[[ SUPPLIED DATA, beginning ]]

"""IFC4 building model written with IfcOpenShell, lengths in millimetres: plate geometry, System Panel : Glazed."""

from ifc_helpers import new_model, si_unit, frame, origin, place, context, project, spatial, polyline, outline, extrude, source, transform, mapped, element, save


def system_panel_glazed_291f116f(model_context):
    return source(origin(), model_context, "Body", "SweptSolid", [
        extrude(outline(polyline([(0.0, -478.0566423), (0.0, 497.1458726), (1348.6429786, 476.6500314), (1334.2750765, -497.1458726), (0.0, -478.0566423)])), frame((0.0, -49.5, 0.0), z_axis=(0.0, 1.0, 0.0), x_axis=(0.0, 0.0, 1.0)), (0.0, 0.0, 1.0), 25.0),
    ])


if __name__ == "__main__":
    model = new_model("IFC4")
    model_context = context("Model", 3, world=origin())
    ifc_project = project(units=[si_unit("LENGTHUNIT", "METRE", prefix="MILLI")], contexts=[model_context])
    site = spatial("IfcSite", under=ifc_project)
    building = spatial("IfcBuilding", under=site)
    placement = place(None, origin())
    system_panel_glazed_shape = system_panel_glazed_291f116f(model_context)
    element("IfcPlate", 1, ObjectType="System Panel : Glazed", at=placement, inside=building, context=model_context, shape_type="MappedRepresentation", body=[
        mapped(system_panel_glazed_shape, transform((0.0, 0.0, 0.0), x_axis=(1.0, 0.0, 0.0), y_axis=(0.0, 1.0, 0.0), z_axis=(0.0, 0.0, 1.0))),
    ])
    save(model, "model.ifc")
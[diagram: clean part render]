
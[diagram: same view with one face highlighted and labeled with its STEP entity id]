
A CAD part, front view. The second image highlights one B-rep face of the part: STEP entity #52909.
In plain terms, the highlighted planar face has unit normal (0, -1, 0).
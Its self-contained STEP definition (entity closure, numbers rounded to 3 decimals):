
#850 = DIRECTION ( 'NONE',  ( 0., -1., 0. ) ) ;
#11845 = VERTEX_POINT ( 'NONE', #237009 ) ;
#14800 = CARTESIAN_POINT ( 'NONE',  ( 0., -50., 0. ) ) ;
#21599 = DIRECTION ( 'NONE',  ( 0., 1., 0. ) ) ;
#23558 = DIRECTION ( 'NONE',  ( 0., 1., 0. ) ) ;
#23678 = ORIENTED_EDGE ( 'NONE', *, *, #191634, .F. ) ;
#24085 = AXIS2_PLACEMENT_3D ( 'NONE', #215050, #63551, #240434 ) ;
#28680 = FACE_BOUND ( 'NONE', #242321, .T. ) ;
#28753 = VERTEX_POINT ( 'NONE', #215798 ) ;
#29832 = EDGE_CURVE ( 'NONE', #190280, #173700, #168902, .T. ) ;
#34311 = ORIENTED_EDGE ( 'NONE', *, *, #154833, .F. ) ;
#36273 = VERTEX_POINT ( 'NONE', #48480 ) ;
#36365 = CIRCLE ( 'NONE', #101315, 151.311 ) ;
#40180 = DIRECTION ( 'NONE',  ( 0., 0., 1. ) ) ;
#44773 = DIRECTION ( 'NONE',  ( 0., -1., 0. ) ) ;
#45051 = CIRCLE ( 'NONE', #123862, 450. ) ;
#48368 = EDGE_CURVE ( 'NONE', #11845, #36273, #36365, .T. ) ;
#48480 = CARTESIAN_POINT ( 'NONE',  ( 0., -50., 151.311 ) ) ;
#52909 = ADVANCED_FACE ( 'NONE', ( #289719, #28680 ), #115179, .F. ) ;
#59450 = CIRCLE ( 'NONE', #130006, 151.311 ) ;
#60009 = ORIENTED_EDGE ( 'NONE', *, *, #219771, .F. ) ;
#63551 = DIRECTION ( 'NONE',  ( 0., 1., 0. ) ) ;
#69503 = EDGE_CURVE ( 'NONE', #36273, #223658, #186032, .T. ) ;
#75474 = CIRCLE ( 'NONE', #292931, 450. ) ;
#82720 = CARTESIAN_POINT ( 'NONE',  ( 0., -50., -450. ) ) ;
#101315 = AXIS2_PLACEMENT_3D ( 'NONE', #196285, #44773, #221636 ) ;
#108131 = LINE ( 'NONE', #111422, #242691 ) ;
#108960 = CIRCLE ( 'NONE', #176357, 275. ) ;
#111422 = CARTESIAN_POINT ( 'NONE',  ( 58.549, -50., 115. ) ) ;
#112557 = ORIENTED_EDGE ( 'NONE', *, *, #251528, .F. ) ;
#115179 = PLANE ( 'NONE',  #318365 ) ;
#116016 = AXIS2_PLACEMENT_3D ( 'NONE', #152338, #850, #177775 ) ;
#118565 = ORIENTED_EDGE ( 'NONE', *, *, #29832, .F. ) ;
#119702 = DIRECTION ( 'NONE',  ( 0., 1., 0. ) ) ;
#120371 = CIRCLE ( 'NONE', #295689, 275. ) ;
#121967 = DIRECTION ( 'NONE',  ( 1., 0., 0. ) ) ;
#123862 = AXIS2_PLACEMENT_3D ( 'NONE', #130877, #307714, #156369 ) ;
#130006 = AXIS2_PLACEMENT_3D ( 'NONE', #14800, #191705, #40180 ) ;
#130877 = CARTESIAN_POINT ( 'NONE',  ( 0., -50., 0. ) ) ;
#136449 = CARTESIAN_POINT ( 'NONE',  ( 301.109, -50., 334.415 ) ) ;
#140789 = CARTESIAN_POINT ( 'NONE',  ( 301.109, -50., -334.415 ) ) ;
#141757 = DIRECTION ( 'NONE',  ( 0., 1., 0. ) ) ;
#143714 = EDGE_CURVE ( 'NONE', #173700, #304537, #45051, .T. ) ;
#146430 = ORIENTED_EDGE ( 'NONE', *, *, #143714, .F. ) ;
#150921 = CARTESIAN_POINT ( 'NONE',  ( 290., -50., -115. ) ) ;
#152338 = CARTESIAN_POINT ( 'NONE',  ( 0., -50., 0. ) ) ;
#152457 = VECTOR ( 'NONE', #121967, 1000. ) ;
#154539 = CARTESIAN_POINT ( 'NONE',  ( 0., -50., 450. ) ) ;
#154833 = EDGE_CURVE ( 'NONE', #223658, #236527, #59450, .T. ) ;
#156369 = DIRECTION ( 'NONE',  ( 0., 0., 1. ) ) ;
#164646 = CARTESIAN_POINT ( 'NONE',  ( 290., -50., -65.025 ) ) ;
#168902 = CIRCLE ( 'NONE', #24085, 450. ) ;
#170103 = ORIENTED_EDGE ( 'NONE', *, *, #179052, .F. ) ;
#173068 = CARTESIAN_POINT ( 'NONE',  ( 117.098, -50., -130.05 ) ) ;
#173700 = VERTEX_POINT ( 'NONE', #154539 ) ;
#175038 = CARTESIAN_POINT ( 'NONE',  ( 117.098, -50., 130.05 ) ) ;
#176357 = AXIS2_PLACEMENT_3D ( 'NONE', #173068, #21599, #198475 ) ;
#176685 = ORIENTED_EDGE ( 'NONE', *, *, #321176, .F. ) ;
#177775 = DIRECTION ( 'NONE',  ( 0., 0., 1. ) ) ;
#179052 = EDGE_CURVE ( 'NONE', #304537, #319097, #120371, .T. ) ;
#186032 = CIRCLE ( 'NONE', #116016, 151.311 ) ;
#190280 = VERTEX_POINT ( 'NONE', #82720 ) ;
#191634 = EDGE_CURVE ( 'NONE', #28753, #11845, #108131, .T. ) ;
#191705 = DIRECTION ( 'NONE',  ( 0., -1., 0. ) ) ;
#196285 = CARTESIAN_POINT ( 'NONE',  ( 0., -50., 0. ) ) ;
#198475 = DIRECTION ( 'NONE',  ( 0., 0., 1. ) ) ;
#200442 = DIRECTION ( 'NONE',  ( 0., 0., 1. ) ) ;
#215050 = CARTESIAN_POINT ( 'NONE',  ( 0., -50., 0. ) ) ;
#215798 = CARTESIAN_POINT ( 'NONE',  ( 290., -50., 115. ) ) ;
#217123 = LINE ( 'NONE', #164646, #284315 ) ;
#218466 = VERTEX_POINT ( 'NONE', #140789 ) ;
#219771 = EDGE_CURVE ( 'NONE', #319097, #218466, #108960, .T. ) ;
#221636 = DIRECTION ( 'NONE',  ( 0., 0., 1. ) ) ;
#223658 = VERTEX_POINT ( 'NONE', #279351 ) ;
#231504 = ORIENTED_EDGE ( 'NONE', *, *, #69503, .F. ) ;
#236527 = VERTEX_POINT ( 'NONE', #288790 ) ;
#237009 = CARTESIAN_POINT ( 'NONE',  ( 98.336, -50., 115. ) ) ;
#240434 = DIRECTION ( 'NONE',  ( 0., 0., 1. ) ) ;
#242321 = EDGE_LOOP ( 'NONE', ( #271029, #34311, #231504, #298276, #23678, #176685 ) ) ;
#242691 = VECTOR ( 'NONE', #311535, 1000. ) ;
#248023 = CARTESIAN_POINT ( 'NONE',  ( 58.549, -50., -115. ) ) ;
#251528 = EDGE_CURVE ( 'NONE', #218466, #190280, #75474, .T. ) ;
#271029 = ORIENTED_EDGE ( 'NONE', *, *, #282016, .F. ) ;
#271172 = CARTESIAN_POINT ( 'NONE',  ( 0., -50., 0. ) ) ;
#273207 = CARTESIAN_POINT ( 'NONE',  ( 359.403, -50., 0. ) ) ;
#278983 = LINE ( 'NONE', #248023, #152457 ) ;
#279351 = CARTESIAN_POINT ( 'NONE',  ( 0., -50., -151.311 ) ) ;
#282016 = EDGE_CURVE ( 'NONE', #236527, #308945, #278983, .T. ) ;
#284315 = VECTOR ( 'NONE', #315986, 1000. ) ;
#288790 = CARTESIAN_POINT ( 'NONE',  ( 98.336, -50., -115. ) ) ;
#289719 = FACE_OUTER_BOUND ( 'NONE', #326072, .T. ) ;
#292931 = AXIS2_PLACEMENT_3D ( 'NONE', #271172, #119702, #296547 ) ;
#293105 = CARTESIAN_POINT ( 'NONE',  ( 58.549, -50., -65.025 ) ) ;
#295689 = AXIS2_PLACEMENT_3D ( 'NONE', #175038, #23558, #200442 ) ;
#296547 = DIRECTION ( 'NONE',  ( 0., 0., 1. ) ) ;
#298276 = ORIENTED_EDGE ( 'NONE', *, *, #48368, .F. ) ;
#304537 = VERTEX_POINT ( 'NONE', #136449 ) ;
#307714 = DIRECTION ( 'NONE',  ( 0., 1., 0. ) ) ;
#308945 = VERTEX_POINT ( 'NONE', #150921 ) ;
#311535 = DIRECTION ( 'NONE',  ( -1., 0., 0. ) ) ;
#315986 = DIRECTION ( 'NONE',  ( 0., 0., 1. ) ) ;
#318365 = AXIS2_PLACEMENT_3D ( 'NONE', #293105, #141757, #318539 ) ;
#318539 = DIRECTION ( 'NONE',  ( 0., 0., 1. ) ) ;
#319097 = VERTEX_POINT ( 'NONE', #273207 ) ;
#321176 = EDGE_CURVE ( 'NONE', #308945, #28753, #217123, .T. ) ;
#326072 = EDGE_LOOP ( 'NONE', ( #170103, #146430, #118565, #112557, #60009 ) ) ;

[[ SUPPLIED DATA, end ]]

The lines to extract from the data above begin with the line containing "#118565 = ORIENTED_EDGE" and end with the line containing "#196285 = CARTESIAN_POINT". Extract them exactly, including both.

SOLVED EXERCISE:
#118565 = ORIENTED_EDGE ( 'NONE', *, *, #29832, .F. ) ;
#119702 = DIRECTION ( 'NONE',  ( 0., 1., 0. ) ) ;
#120371 = CIRCLE ( 'NONE', #295689, 275. ) ;
#121967 = DIRECTION ( 'NONE',  ( 1., 0., 0. ) ) ;
#123862 = AXIS2_PLACEMENT_3D ( 'NONE', #130877, #307714, #156369 ) ;
#130006 = AXIS2_PLACEMENT_3D ( 'NONE', #14800, #191705, #40180 ) ;
#130877 = CARTESIAN_POINT ( 'NONE',  ( 0., -50., 0. ) ) ;
#136449 = CARTESIAN_POINT ( 'NONE',  ( 301.109, -50., 334.415 ) ) ;
#140789 = CARTESIAN_POINT ( 'NONE',  ( 301.109, -50., -334.415 ) ) ;
#141757 = DIRECTION ( 'NONE',  ( 0., 1., 0. ) ) ;
#143714 = EDGE_CURVE ( 'NONE', #173700, #304537, #45051, .T. ) ;
#146430 = ORIENTED_EDGE ( 'NONE', *, *, #143714, .F. ) ;
#150921 = CARTESIAN_POINT ( 'NONE',  ( 290., -50., -115. ) ) ;
#152338 = CARTESIAN_POINT ( 'NONE',  ( 0., -50., 0. ) ) ;
#152457 = VECTOR ( 'NONE', #121967, 1000. ) ;
#154539 = CARTESIAN_POINT ( 'NONE',  ( 0., -50., 450. ) ) ;
#154833 = EDGE_CURVE ( 'NONE', #223658, #236527, #59450, .T. ) ;
#156369 = DIRECTION ( 'NONE',  ( 0., 0., 1. ) ) ;
#164646 = CARTESIAN_POINT ( 'NONE',  ( 290., -50., -65.025 ) ) ;
#168902 = CIRCLE ( 'NONE', #24085, 450. ) ;
#170103 = ORIENTED_EDGE ( 'NONE', *, *, #179052, .F. ) ;
#173068 = CARTESIAN_POINT ( 'NONE',  ( 117.098, -50., -130.05 ) ) ;
#173700 = VERTEX_POINT ( 'NONE', #154539 ) ;
#175038 = CARTESIAN_POINT ( 'NONE',  ( 117.098, -50., 130.05 ) ) ;
#176357 = AXIS2_PLACEMENT_3D ( 'NONE', #173068, #21599, #198475 ) ;
#176685 = ORIENTED_EDGE ( 'NONE', *, *, #321176, .F. ) ;
#177775 = DIRECTION ( 'NONE',  ( 0., 0., 1. ) ) ;
#179052 = EDGE_CURVE ( 'NONE', #304537, #319097, #120371, .T. ) ;
#186032 = CIRCLE ( 'NONE', #116016, 151.311 ) ;
#190280 = VERTEX_POINT ( 'NONE', #82720 ) ;
#191634 = EDGE_CURVE ( 'NONE', #28753, #11845, #108131, .T. ) ;
#191705 = DIRECTION ( 'NONE',  ( 0., -1., 0. ) ) ;
#196285 = CARTESIAN_POINT ( 'NONE',  ( 0., -50., 0. ) ) ;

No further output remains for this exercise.